8. Summary and Conclusion

Optimal Transport bridges the gap between probability theory and geometry.

  1. Monge-Kantorovich defines the ground problem of mass movement.
  2. Brenier's Theorem reveals that optimal transport maps are gradients of convex functions, linking OT to potential theory.
  3. Sinkhorn's Algorithm makes OT computationally feasible for high-dimensional data.
  4. Gromov-Wasserstein extends OT to the comparison of structural information in different spaces.

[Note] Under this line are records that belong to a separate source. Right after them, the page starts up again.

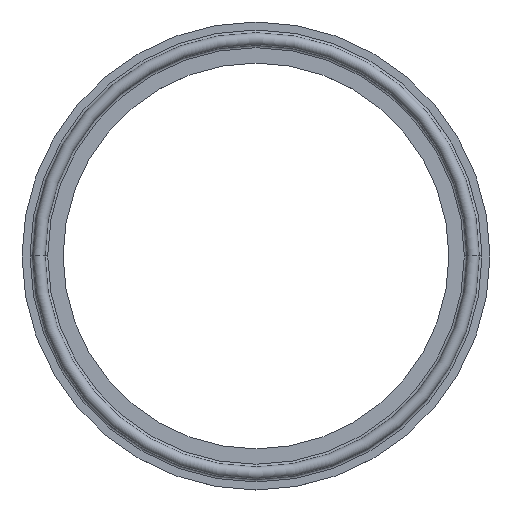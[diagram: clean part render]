
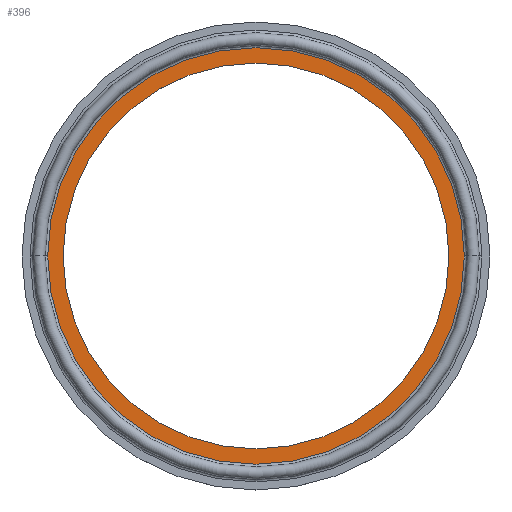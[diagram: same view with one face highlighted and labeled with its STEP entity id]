
A CAD part, top view. The second image highlights one B-rep face of the part: STEP entity #396.
In plain terms, the highlighted planar face has unit normal (0, 0, 1).
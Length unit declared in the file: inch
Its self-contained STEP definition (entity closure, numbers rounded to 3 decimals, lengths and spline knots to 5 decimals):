
#16 = CIRCLE ( 'NONE', #102, 1.4575 ) ;
#30 = EDGE_LOOP ( 'NONE', ( #146, #233 ) ) ;
#44 = CARTESIAN_POINT ( 'NONE',  ( 0., 0., 0. ) ) ;
#51 = AXIS2_PLACEMENT_3D ( 'NONE', #152, #230, #94 ) ;
#57 = CARTESIAN_POINT ( 'NONE',  ( 0., 0., 0. ) ) ;
#68 = DIRECTION ( 'NONE',  ( -1., 0., 0. ) ) ;
#73 = VERTEX_POINT ( 'NONE', #239 ) ;
#94 = DIRECTION ( 'NONE',  ( 1., 0., 0. ) ) ;
#102 = AXIS2_PLACEMENT_3D ( 'NONE', #57, #240, #106 ) ;
#106 = DIRECTION ( 'NONE',  ( 1., 0., 0. ) ) ;
#114 = PLANE ( 'NONE',  #408 ) ;
#130 = FACE_OUTER_BOUND ( 'NONE', #492, .T. ) ;
#146 = ORIENTED_EDGE ( 'NONE', *, *, #290, .F. ) ;
#152 = CARTESIAN_POINT ( 'NONE',  ( 0., 0., 0. ) ) ;
#162 = FACE_BOUND ( 'NONE', #30, .T. ) ;
#215 = CARTESIAN_POINT ( 'NONE',  ( 0., 0., 0. ) ) ;
#229 = DIRECTION ( 'NONE',  ( 1., 0., 0. ) ) ;
#230 = DIRECTION ( 'NONE',  ( 0., 0., 1. ) ) ;
#233 = ORIENTED_EDGE ( 'NONE', *, *, #338, .F. ) ;
#239 = CARTESIAN_POINT ( 'NONE',  ( 1.4575, 0., 0. ) ) ;
#240 = DIRECTION ( 'NONE',  ( 0., 0., 1. ) ) ;
#249 = DIRECTION ( 'NONE',  ( 0., 0., -1. ) ) ;
#272 = CARTESIAN_POINT ( 'NONE',  ( -1.4575, 0., 0. ) ) ;
#290 = EDGE_CURVE ( 'NONE', #73, #512, #583, .T. ) ;
#325 = CARTESIAN_POINT ( 'NONE',  ( -1.57362, 0., 0. ) ) ;
#338 = EDGE_CURVE ( 'NONE', #512, #73, #16, .T. ) ;
#357 = VERTEX_POINT ( 'NONE', #325 ) ;
#396 = ADVANCED_FACE ( 'NONE', ( #162, #130 ), #114, .F. ) ;
#398 = CARTESIAN_POINT ( 'NONE',  ( 1.57362, 0., 0. ) ) ;
#408 = AXIS2_PLACEMENT_3D ( 'NONE', #522, #249, #68 ) ;
#418 = VERTEX_POINT ( 'NONE', #398 ) ;
#425 = EDGE_CURVE ( 'NONE', #357, #418, #560, .T. ) ;
#436 = DIRECTION ( 'NONE',  ( 0., 0., 1. ) ) ;
#443 = DIRECTION ( 'NONE',  ( 1., 0., 0. ) ) ;
#492 = EDGE_LOOP ( 'NONE', ( #570, #528 ) ) ;
#493 = AXIS2_PLACEMENT_3D ( 'NONE', #44, #531, #229 ) ;
#498 = AXIS2_PLACEMENT_3D ( 'NONE', #215, #436, #443 ) ;
#512 = VERTEX_POINT ( 'NONE', #272 ) ;
#522 = CARTESIAN_POINT ( 'NONE',  ( 0., 1.4575, 0. ) ) ;
#528 = ORIENTED_EDGE ( 'NONE', *, *, #425, .T. ) ;
#531 = DIRECTION ( 'NONE',  ( 0., 0., 1. ) ) ;
#533 = CIRCLE ( 'NONE', #493, 1.57362 ) ;
#560 = CIRCLE ( 'NONE', #498, 1.57362 ) ;
#570 = ORIENTED_EDGE ( 'NONE', *, *, #572, .T. ) ;
#572 = EDGE_CURVE ( 'NONE', #418, #357, #533, .T. ) ;
#583 = CIRCLE ( 'NONE', #51, 1.4575 ) ;
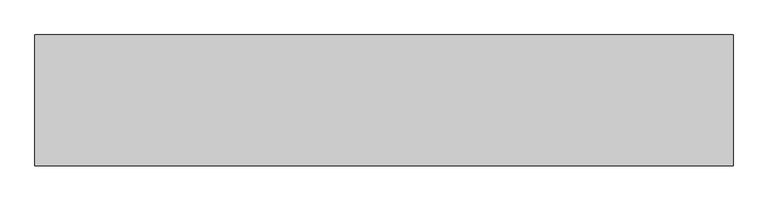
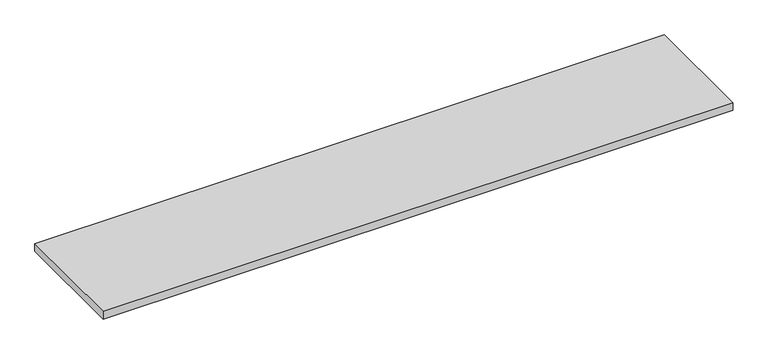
"""IFC4 building model written with IfcOpenShell, lengths in millimetres: furniture geometry, Geiger_GeigerOneCasegoods_CredenzaTopDeskHeightPlain : Veneer 96Wx 18Dx 1.25H."""

from ifc_helpers import new_model, si_unit, origin, origin_with_axes, place, context, project, spatial, polyline, outline, extrude, source, transform, mapped, element, save


def furniture_9cbfd142(model_context):
    return source(origin(), model_context, "Body", "SweptSolid", [
        extrude(outline(polyline([(2438.4, 0.0), (2438.4, -457.2), (0.0, -457.2), (0.0, 0.0), (2438.4, 0.0)])), origin_with_axes(), (0.0, 0.0, 1.0), 31.75),
    ])


if __name__ == "__main__":
    model = new_model("IFC4")
    model_context = context("Model", 3, world=origin())
    ifc_project = project(units=[si_unit("LENGTHUNIT", "METRE", prefix="MILLI")], contexts=[model_context])
    site = spatial("IfcSite", under=ifc_project)
    building = spatial("IfcBuilding", under=site)
    placement = place(None, origin())
    furniture_shape = furniture_9cbfd142(model_context)
    element("IfcFurniture", 1, ObjectType="Geiger_GeigerOneCasegoods_CredenzaTopDeskHeightPlain : Veneer 96Wx 18Dx 1.25H", at=placement, inside=building, context=model_context, shape_type="MappedRepresentation", body=[
        mapped(furniture_shape, transform((0.0, 0.0, 0.0), x_axis=(1.0, 0.0, 0.0), y_axis=(0.0, 1.0, 0.0), z_axis=(0.0, 0.0, 1.0))),
    ])
    save(model, "model.ifc")

As a tool, OT allows neural networks to "feel" the metric structure of their data, leading to more robust models and geometrically meaningful latent spaces.

References

  1. Villani, C. (2003). Topics in Optimal Transportation. American Mathematical Society.
  2. Villani, C. (2008). Optimal Transport: Old and New. Springer.
  3. Peyré, G., & Cuturi, M. (2019). Computational Optimal Transport. Foundations and Trends in Machine Learning.
  4. Santambrogio, F. (2015). Optimal Transport for Applied Mathematicians. Birkhäuser.
  5. Arjovsky, M., et al. (2017). Wasserstein Generative Adversarial Networks. ICML.